I purchased a new Lund 1436 Jon boat (I know it's not the boat your looking at) two years ago. The third or fourth time I had it on the water it was a bit choppy and all but one of the floor ribs bent or you might say bowed up in the center. When I called Lund they said OH WELL it happens not our problem.


----------



## ICENUT (Apr 29, 2008)

I have a 2007 17 foot Lund Pro Sport its the best boat in the world I have used this boat everywhere fron portclinton,lake Ontario,erie pa,pymatuning where my camp is.I probably euse it over 100 days a year.In my campgroung just about every boat in here is a Lund from brand new to real old.My merc's have been bullet proof also. again there are a lot of boats imho lunds are the best.


----------



## Frank Zajac (Mar 24, 2016)

I have a 2015 Lund Rebel 1650.....no problems of any kind so far...been on Erie on a flat day...rest is inland fishing


----------



## humpty dumpty (Nov 30, 2013)

I have a lund baron 2150 grand sport and just love it.. I did have a transom issue.. started to notice upper starboard corner had a deaden sound when I checked it.. Since I am planning on keeping this boat till I retire from fishing,, I took it to a dealer on Grand Island NY. 4 hours away, and had the composite transom installed.. could I have fished some more with the transom the way it was.. sure.. but I knew at the end of the day I was going to replace it.. so why wait until you have bigger issues.. They did a fantastic professional job... the composite is lighter, stronger and will never rot,,, it may cost you alittle more but it is well worth it.. aside from that I wouldn't trade this boat for any other... good luck with your purchase..


----------



## Popspastime (Apr 1, 2014)

On my 3rd Lund and I love the boat. Don't believe the quality comments, all boats have a few knicks in them. I run Lake Erie and 4 states south all year with it. You'll like the handling and quality of the Adventure series. Make sure you max the motor out, and if they don't have one with the 115 order the boat with it. They keep as well as you keep them and best resale on the market with a Lifetime Warranty Hull and deck for the first owner.


----------



## tudkey (Sep 24, 2014)

Wow. Lots of response in no time. Thanks. This site is great. Variety of opinions and experiences. Kinda figured. Anyways, I may move forward with it. Not really up for traveling to rioting cities to shop around. Think it’s the best boat for me for 23,000$.


----------



## GradeA (Aug 11, 2017)

There are many other good brands for that price you may want to research
....unless your stuck on kind, Crestline and polarkraft a good bang for the buck


----------



## dennis treich (May 2, 2008)

I have a 1997 2050 spotfisher with a 2016 115 merc 4 stroke and it is a great boat. lifetime hull warranty on the welded hull is what sold me.

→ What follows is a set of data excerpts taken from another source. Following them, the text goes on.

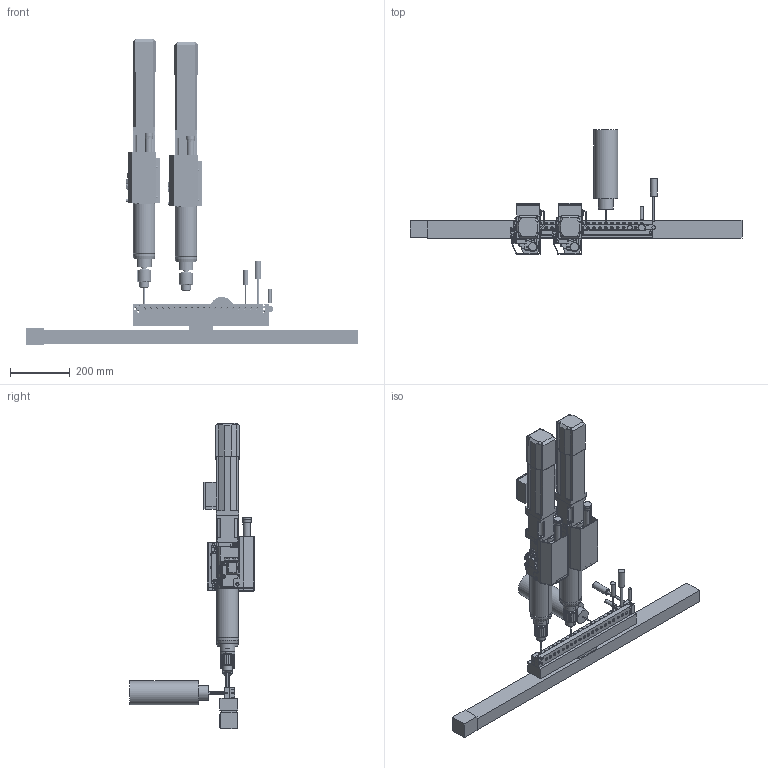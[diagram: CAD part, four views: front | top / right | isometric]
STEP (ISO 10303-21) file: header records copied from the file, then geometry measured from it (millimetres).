
FILE_DESCRIPTION(('Open CASCADE Model'),'2;1');
FILE_NAME('Open CASCADE Shape Model','2026-07-29T09:21:27',('Author'),( 'Open CASCADE'),'Open CASCADE STEP processor 7.8','Open CASCADE 7.8' ,'Unknown');
FILE_SCHEMA(('AUTOMOTIVE_DESIGN { 1 0 10303 214 1 1 1 1 }'));
Length unit declared in the file: millimetre
Products named in the file (37): STATION-2; B_bolt_00; B_bolt_01; B_bolt_02; B_bolt_03; B_bolt_04; B_bolt_05; B_bolt_06; B_bolt_07; B_bolt_08; B_rail_09; B_bolt_10; B_bolt_11; B_bolt_12; B_bolt_13; B_bolt_14; B_bolt_15; B_bolt_16; B_bolt_17; B_bolt_18; B_bolt_19; B_bolt_20; B_pin_21; B_rail_22; B1_chamfer_head; B1_tool; B2_drill_head; B2_tool; B3_deburr_spindle; B3_tool; B4_air_nozzle; B5_borescope_top; B5_laser_side; B6_borescope_side; B6_laser_top; B_carrier_beam; B_slide_module
Assembly tree (36 placements, depth 2):
  STATION-2
    B_bolt_00
    B_bolt_01
    B_bolt_02
    B_bolt_03
    B_bolt_04
    B_bolt_05
    B_bolt_06
    B_bolt_07
    B_bolt_08
    B_rail_09
    B_bolt_10
    B_bolt_11
    B_bolt_12
    B_bolt_13
    B_bolt_14
    B_bolt_15
    B_bolt_16
    B_bolt_17
    B_bolt_18
    B_bolt_19
    B_bolt_20
    B_pin_21
    B_rail_22
    B1_chamfer_head
    B1_tool
    B2_drill_head
    B2_tool
    B3_deburr_spindle
    B3_tool
    B4_air_nozzle
    B5_borescope_top
    B5_laser_side
    B6_borescope_side
    B6_laser_top
    B_carrier_beam
    B_slide_module
Bounding box: 1110 x 416.48 x 1021.8 mm (x, y, z)
Volume: 6108608.7 mm3; surface area: 1647634.3 mm2
Topology: 36 solids, 162 shells, 3439 faces, 12422 edges, 9192 vertices
Faces by surface type: plane 1803, cylinder 1073, cone 481, bspline 56, torus 20, revolution 6
Full cylindrical faces by diameter (mm): 3 x42, 3.5 x2, 4 x1, 5 x8, 6 x21, 6.5 x2, 6.8 x4, 8 x32, 8.75 x20, 10 x60, 12 x22, 14 x2, 16 x1, 17 x20, 22 x2, 50 x1, 80 x1
Entity records: 344921 total; most frequent: CARTESIAN_POINT 134740, DIRECTION 37576, LINE 21344, VECTOR 21344, ORIENTED_EDGE 20150, PCURVE 20150, DEFINITIONAL_REPRESENTATION 20150, EDGE_CURVE 12401
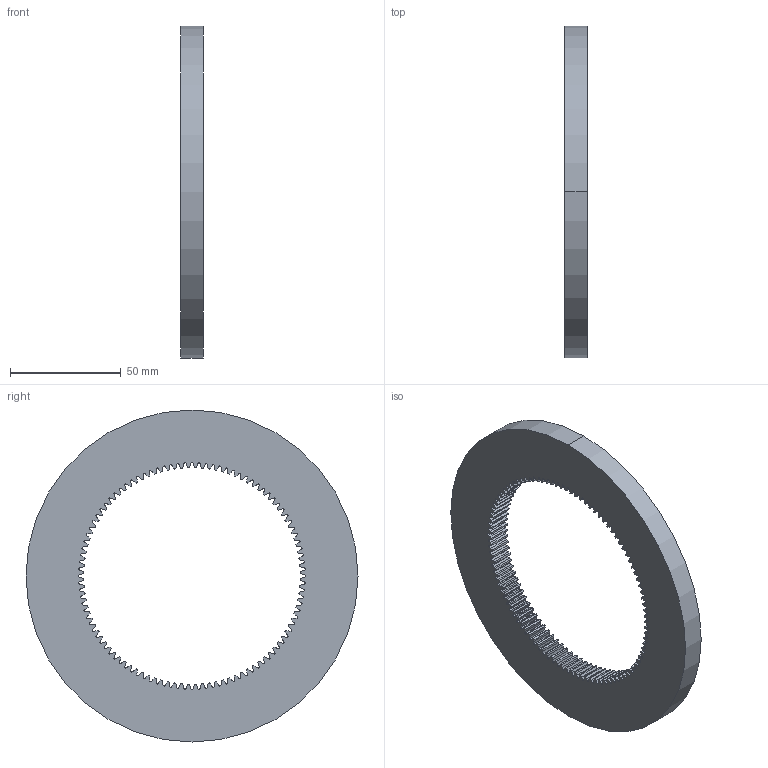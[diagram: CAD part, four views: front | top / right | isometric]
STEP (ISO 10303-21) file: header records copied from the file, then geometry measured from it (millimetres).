
FILE_DESCRIPTION((''),'2;1');
FILE_NAME('50340','2012-09-20T',('carefree'),(''),'PRO/ENGINEER BY PARAMETRIC TECHNOLOGY CORPORATION, 2005030','PRO/ENGINEER BY PARAMETRIC TECHNOLOGY CORPORATION, 2005030','');
FILE_SCHEMA(('CONFIG_CONTROL_DESIGN'));
Length unit declared in the file: millimetre
Products named in the file (1): 50340
Bounding box: 10 x 150 x 150 mm (x, y, z)
Volume: 97916.2 mm3; surface area: 30538.8 mm2
Topology: 1 solids, 1 shells, 604 faces, 1806 edges, 1204 vertices
Faces by surface type: plane 202, cylinder 202, extrusion 200
Entity records: 24236 total; most frequent: CARTESIAN_POINT 8314, ORIENTED_EDGE 3612, DIRECTION 2818, EDGE_CURVE 1806, VERTEX_POINT 1204, VECTOR 1202, LINE 1002, AXIS2_PLACEMENT_3D 808

The new ones are awsome boats if you can swing the price.


----------



## dennis treich (May 2, 2008)

Sorry guy I left out that it's a crestliner


----------



## tudkey (Sep 24, 2014)

Ya I’ve wanted to look at both of those brands. Just wanting single console that can fish three guys comfortably. 18 foot ish. 20-25K. Wanted to see a polarkraft outlander. Crestliner’s get expensive fast


----------



## dennis treich (May 2, 2008)

That's for sure that's why I'm glad I've hung on to my 97 that I gave $19,000 for new. You can't replace it for less than $40,000 today. So I didn't hesitate spending $9,500 on that 2016 115 mercury 4 stroke with 4 blade stainless prop that gets me 35 mph and more on calm water


----------



## Had a Bite (Apr 15, 2012)

I have a 2019 1775 lund adventure sport. Lifetime warranty, no wood on the boat, it's all composite. I like it so far. 90hp mercury 4 stroke, will run bout 39 mph loaded up.


----------



## tudkey (Sep 24, 2014)

Had a Bite said:


> I have a 2019 1775 lund adventure sport. Lifetime warranty, no wood on the boat, it's all composite. I like it so far. 90hp mercury 4 stroke, will run bout 39 mph loaded up.


had a bite. Is there anything you dislike or wish you had or hadn’t ? And do you mind me asking what you paid? Very interested in what you say. Thank you


----------



## Gottagofishn (Nov 18, 2009)

Well, I’m a Lund guy also. I buy them for the layout/ design mostly. They ride pretty fair and the quality isn’t horrible. There are many good brands out there. I would shop for one that has a layout that best suits your fishing style and needs.


----------



## K gonefishin (May 4, 2004)

Composite started in 17 and I’m not positive it’s on all models definitely ask and find out. If you haven’t had a transom done on an older one you likely will eventually


----------



## Popspastime (Apr 1, 2014)

Composite all models.


----------



## Raider16 (Oct 19, 2016)

I have a 2014 Lund impact 1675, lots of use and zero Problems. Boat is used inland as well as Erie. Dry as a bone.


----------